Start of ENTRIES SHOWN
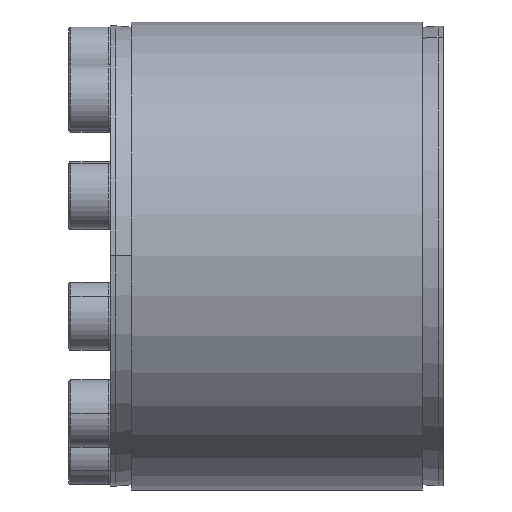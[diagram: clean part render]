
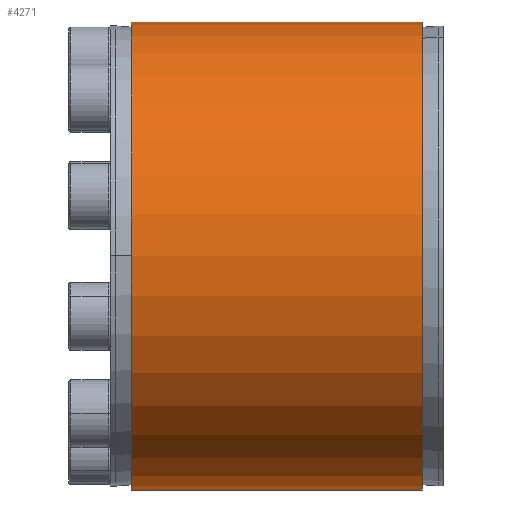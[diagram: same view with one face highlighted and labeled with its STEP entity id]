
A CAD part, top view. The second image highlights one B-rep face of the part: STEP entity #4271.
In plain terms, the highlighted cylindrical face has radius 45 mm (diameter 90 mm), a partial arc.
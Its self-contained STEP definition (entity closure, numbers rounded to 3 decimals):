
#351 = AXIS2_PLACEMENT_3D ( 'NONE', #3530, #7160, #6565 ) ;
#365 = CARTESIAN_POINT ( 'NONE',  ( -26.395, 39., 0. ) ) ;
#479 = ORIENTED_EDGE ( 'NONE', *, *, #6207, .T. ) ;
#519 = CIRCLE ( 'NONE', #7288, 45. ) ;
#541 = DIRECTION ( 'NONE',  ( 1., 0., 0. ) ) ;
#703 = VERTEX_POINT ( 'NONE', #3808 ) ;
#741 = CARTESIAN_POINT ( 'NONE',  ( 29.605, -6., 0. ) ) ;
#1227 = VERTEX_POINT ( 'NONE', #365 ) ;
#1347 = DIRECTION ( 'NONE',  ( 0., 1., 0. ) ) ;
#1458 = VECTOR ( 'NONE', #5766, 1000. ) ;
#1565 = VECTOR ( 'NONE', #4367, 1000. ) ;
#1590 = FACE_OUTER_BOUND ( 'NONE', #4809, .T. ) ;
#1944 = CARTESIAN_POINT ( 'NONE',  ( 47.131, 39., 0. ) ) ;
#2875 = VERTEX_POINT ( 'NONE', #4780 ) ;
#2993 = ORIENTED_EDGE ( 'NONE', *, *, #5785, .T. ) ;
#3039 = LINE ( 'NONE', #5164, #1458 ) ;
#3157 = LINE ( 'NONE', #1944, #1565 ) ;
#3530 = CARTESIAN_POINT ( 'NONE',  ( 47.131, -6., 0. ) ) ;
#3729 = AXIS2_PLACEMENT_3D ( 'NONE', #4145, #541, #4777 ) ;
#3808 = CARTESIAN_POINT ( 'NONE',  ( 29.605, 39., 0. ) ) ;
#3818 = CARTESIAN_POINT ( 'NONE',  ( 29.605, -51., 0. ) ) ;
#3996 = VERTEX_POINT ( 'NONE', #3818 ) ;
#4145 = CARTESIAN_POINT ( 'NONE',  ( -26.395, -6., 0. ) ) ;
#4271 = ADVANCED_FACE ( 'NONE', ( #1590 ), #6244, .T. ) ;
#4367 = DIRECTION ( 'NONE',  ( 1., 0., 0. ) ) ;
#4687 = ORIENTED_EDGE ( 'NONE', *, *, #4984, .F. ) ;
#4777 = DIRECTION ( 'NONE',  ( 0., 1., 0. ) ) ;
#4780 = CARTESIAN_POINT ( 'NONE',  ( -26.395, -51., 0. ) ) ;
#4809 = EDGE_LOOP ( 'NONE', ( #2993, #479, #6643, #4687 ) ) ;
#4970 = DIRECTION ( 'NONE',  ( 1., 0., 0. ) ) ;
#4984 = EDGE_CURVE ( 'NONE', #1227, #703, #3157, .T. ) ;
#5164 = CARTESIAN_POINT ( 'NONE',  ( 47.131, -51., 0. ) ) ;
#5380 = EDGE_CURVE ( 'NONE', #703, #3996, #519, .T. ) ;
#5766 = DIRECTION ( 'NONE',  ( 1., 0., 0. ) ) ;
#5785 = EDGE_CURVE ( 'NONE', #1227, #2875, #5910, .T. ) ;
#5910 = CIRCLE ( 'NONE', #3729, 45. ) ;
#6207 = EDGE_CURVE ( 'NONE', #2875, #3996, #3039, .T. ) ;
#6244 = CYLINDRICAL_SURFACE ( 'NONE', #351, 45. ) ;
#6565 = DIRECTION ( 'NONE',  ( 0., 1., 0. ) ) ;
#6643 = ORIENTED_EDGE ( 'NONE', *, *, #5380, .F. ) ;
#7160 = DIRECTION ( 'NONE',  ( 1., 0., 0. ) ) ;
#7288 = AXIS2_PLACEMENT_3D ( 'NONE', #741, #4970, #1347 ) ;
End of ENTRIES SHOWN
• EXERCISE BRIEF:
The entries are to be restated word for word, and no picture should appear in the copy.

• EXPECTED ANSWER:
[diagram: clean part render]
[diagram: same view with one face highlighted and labeled with its STEP entity id]
A CAD part, top view. The second image highlights one B-rep face of the part: STEP entity #4271.
In plain terms, the highlighted cylindrical face has radius 45 mm (diameter 90 mm), a partial arc.
Its self-contained STEP definition (entity closure, numbers rounded to 3 decimals):
#351 = AXIS2_PLACEMENT_3D ( 'NONE', #3530, #7160, #6565 ) ;
#365 = CARTESIAN_POINT ( 'NONE',  ( -26.395, 39., 0. ) ) ;
#479 = ORIENTED_EDGE ( 'NONE', *, *, #6207, .T. ) ;
#519 = CIRCLE ( 'NONE', #7288, 45. ) ;
#541 = DIRECTION ( 'NONE',  ( 1., 0., 0. ) ) ;
#703 = VERTEX_POINT ( 'NONE', #3808 ) ;
#741 = CARTESIAN_POINT ( 'NONE',  ( 29.605, -6., 0. ) ) ;
#1227 = VERTEX_POINT ( 'NONE', #365 ) ;
#1347 = DIRECTION ( 'NONE',  ( 0., 1., 0. ) ) ;
#1458 = VECTOR ( 'NONE', #5766, 1000. ) ;
#1565 = VECTOR ( 'NONE', #4367, 1000. ) ;
#1590 = FACE_OUTER_BOUND ( 'NONE', #4809, .T. ) ;
#1944 = CARTESIAN_POINT ( 'NONE',  ( 47.131, 39., 0. ) ) ;
#2875 = VERTEX_POINT ( 'NONE', #4780 ) ;
#2993 = ORIENTED_EDGE ( 'NONE', *, *, #5785, .T. ) ;
#3039 = LINE ( 'NONE', #5164, #1458 ) ;
#3157 = LINE ( 'NONE', #1944, #1565 ) ;
#3530 = CARTESIAN_POINT ( 'NONE',  ( 47.131, -6., 0. ) ) ;
#3729 = AXIS2_PLACEMENT_3D ( 'NONE', #4145, #541, #4777 ) ;
#3808 = CARTESIAN_POINT ( 'NONE',  ( 29.605, 39., 0. ) ) ;
#3818 = CARTESIAN_POINT ( 'NONE',  ( 29.605, -51., 0. ) ) ;
#3996 = VERTEX_POINT ( 'NONE', #3818 ) ;
#4145 = CARTESIAN_POINT ( 'NONE',  ( -26.395, -6., 0. ) ) ;
#4271 = ADVANCED_FACE ( 'NONE', ( #1590 ), #6244, .T. ) ;
#4367 = DIRECTION ( 'NONE',  ( 1., 0., 0. ) ) ;
#4687 = ORIENTED_EDGE ( 'NONE', *, *, #4984, .F. ) ;
#4777 = DIRECTION ( 'NONE',  ( 0., 1., 0. ) ) ;
#4780 = CARTESIAN_POINT ( 'NONE',  ( -26.395, -51., 0. ) ) ;
#4809 = EDGE_LOOP ( 'NONE', ( #2993, #479, #6643, #4687 ) ) ;
#4970 = DIRECTION ( 'NONE',  ( 1., 0., 0. ) ) ;
#4984 = EDGE_CURVE ( 'NONE', #1227, #703, #3157, .T. ) ;
#5164 = CARTESIAN_POINT ( 'NONE',  ( 47.131, -51., 0. ) ) ;
#5380 = EDGE_CURVE ( 'NONE', #703, #3996, #519, .T. ) ;
#5766 = DIRECTION ( 'NONE',  ( 1., 0., 0. ) ) ;
#5785 = EDGE_CURVE ( 'NONE', #1227, #2875, #5910, .T. ) ;
#5910 = CIRCLE ( 'NONE', #3729, 45. ) ;
#6207 = EDGE_CURVE ( 'NONE', #2875, #3996, #3039, .T. ) ;
#6244 = CYLINDRICAL_SURFACE ( 'NONE', #351, 45. ) ;
#6565 = DIRECTION ( 'NONE',  ( 0., 1., 0. ) ) ;
#6643 = ORIENTED_EDGE ( 'NONE', *, *, #5380, .F. ) ;
#7160 = DIRECTION ( 'NONE',  ( 1., 0., 0. ) ) ;
#7288 = AXIS2_PLACEMENT_3D ( 'NONE', #741, #4970, #1347 ) ;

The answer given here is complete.